**WORK INSTRUCTION**
Looking at the entries underneath, work out how many lines contain "finite". Write only that number.

======== MATERIAL FOR THIS EXERCISE ========

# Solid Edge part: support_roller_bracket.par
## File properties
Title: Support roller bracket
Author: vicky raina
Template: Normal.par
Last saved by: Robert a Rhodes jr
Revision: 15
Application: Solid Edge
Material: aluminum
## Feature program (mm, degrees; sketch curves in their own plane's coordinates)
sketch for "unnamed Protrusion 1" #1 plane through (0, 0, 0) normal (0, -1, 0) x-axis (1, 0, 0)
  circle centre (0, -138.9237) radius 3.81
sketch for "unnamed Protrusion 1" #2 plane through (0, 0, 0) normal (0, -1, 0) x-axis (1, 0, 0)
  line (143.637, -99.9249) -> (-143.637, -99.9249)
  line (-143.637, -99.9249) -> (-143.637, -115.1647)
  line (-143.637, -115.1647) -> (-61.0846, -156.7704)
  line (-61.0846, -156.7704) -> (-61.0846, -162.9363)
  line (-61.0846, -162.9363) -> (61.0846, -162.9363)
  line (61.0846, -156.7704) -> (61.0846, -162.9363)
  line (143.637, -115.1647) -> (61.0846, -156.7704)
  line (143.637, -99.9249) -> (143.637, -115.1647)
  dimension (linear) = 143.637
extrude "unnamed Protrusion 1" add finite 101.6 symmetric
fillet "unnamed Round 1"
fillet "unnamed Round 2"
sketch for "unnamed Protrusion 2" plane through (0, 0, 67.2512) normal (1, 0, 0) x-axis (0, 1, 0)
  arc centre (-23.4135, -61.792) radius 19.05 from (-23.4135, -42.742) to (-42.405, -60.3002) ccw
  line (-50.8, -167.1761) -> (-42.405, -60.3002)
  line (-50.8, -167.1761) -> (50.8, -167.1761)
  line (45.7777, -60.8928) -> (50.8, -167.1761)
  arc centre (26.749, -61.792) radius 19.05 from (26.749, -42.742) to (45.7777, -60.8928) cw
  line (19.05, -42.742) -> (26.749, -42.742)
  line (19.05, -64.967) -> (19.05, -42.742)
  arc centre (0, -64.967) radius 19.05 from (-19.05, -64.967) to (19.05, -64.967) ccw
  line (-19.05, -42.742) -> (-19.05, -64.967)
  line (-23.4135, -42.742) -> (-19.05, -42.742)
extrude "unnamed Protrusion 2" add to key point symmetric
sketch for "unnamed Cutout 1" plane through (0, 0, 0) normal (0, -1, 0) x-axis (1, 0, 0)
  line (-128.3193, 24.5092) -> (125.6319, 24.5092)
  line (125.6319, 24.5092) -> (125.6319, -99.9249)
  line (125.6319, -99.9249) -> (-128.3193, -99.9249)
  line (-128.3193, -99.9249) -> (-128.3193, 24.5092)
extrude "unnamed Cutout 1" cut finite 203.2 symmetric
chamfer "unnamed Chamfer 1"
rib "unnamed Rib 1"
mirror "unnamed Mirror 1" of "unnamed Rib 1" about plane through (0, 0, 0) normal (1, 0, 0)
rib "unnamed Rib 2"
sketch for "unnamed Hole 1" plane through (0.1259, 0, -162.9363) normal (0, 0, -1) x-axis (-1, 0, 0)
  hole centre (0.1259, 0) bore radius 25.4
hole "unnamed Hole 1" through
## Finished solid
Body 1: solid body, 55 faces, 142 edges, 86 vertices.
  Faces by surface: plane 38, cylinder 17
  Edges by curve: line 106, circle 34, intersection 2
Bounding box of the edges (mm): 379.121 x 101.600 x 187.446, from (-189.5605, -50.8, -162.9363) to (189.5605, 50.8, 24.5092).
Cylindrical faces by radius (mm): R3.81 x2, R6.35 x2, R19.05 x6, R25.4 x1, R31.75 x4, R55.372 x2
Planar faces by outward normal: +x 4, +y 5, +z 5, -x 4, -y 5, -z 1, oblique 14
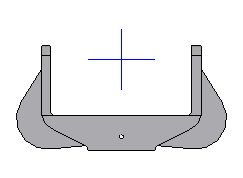
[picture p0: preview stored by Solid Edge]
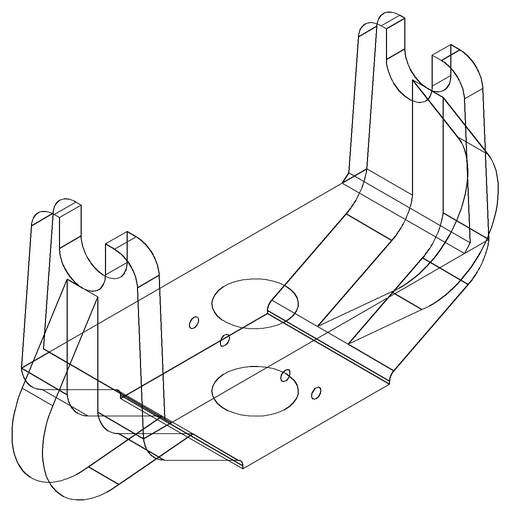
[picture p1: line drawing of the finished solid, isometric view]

========

**RESPONSE BOX**
2